Gravitational Waves, the Einstein Centennial, and an Explanation by David Tennant

Einstein and his famous theory of gravity - general relativity - are once again in the news. The LIGO-Virgo collaboration announced yesterday 11th February that they had directly detected gravitational waves for the first time. This brought worldwide excitement to the field of science.

Einstein and his famous theory of gravity - general relativity - are once again in the news. The LIGO-Virgo collaboration announced yesterday 11th February that they had directly detected gravitational waves for the first time. This brought worldwide excitement to the field of science.

Gravitational waves are ripples in the fabric of spacetime itself, and propagate as the result of violent events in the Universe, like black holes colliding or stars exploding as supernovae. Even events just after the Big Bang could have created an early type of gravitational waves that scientists refer to as "primordial gravitational waves". The event reported by the LIGO-Virgo collaboration is due to the collision of two black holes, that eventually merged into one larger black hole about 1.3 billion years ago.

Gravitational waves were predicted by Einstein's theory of gravity a hundred years ago, but had never been detected directly.

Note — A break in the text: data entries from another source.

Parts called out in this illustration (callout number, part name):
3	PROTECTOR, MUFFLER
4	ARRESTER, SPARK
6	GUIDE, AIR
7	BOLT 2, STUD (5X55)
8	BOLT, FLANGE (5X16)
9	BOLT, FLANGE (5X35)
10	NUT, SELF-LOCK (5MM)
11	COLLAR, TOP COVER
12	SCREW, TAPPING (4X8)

A direct detection of gravitational waves is extremely difficult. Scientists at LIGO use a laser interferometer that bounces lasers back and forth, first splitting the laser beam and then recombining it. By looking at the structure of the recombined laser beam, scientists can measure minute changes in the laser path that could indicate that spacetime was slightly distorted. The telltale signature that a gravitational wave had passed through the experiment was finally detected last September, and announced yesterday following months of intensive verification by the LIGO-Virgo team.

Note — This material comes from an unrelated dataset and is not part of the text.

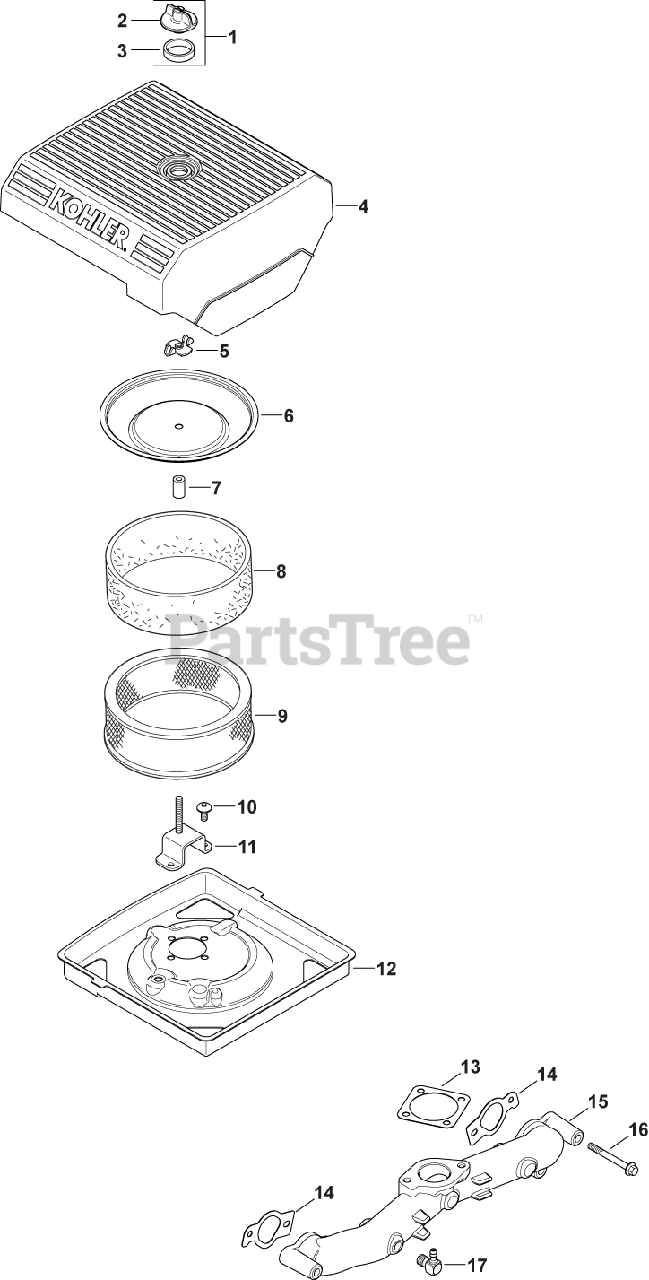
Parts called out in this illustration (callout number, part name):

LIGO stands for Laser Interferometer Gravitational-Wave Observatory. It is an international collaboration with over 1000 members, representing over 15 countries, and founded in 1997. This major discovery shows the importance of large, international and collaborative projects with long timescales for modern discoveries in physics.

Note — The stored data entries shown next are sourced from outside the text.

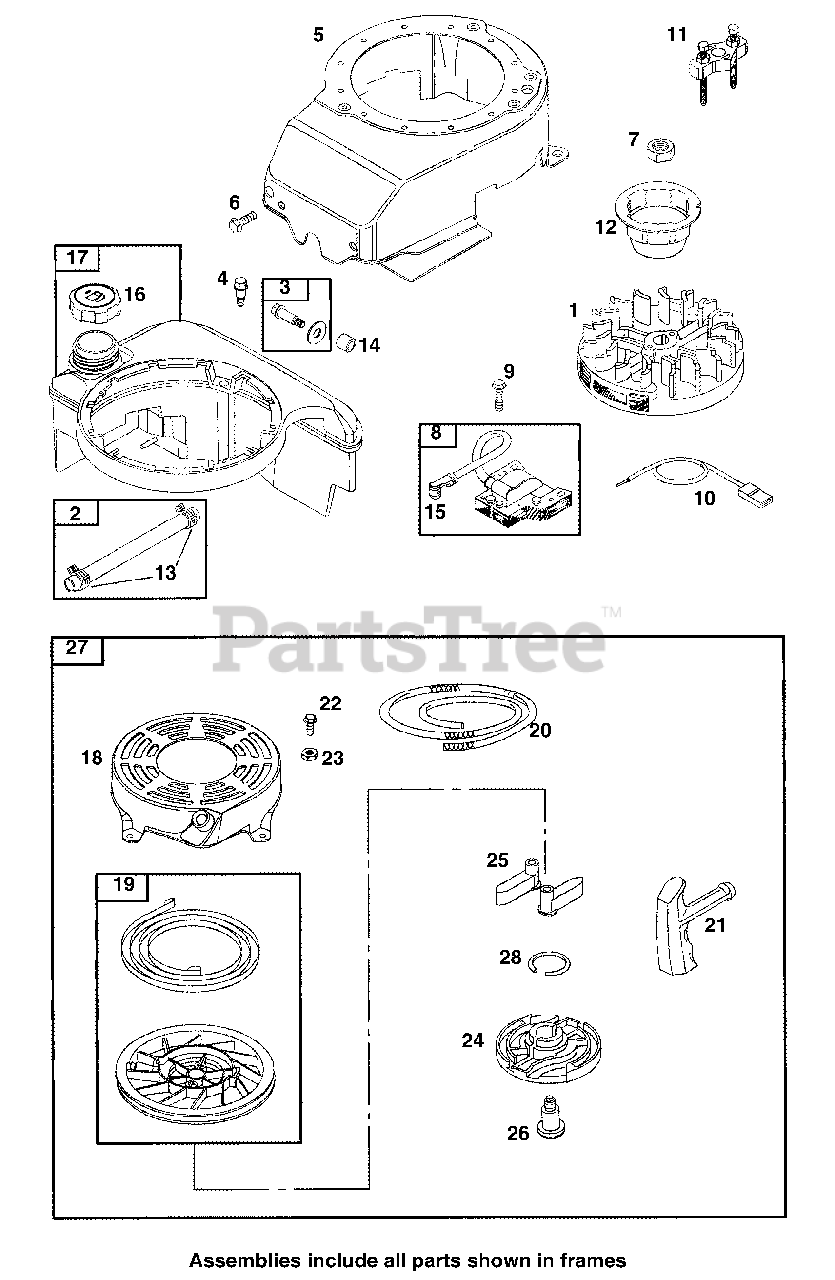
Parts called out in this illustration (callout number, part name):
1	Flywheel
2	Fuel Line
3	Washer Kit Screw
4	Shoulder Screw
5	Blower Housing
6	Hex Screw
7	Flywheel Nut
8	Magneto Armature
9	Hex Screw
10	Stop Wire
11	Flywheel Puller
12	Flywheel Cup
13	Hose Clamp
14	Fuel Tank Spacer
15	Cable Terminal
16	Fuel Tank Cap
17	Fuel Tank
18	Rewind Starter Housing
19	Starter Pulley
20	Starter Rope (Cut to 88-5/8")
21	Starter Rope Grip
22	Hex Screw
23	Hex Nut
24	Pawl Friction Plate
25	Rachet Pawl
26	Shoulder Screw
27	Rewind Starter
28	Friction Spring

Scientists around the world are delighted at the announcement, and many on twitter were using the hashtags #Einstein100, #gravitationalwaves and #LIGO to follow the announcement as it unfolded on a webcast press conference held in Washington, DC.

The breakthrough discovery will give astrophysicists "new eyes" with which to observe the Universe. Today, scientists observe the night sky by collecting light - or electromagnetic waves - with telescopes. This light can be in the visible part of the spectrum, just like the light we see with our eyes, or in wavelengths that are invisible to human eyes, for example in the microwave, x-ray, or infra-red. Now that the existence of gravitational waves has been confirmed, scientists hope to look at the Universe with "gravitational" eyes. This will provide an entirely new approach to study gravity, black holes and well as the Universe as a whole.

This is a very exciting time for science, as astrophysicists now have the technological tools to study Einstein's great theory in more detail - 100 years after he first developed it.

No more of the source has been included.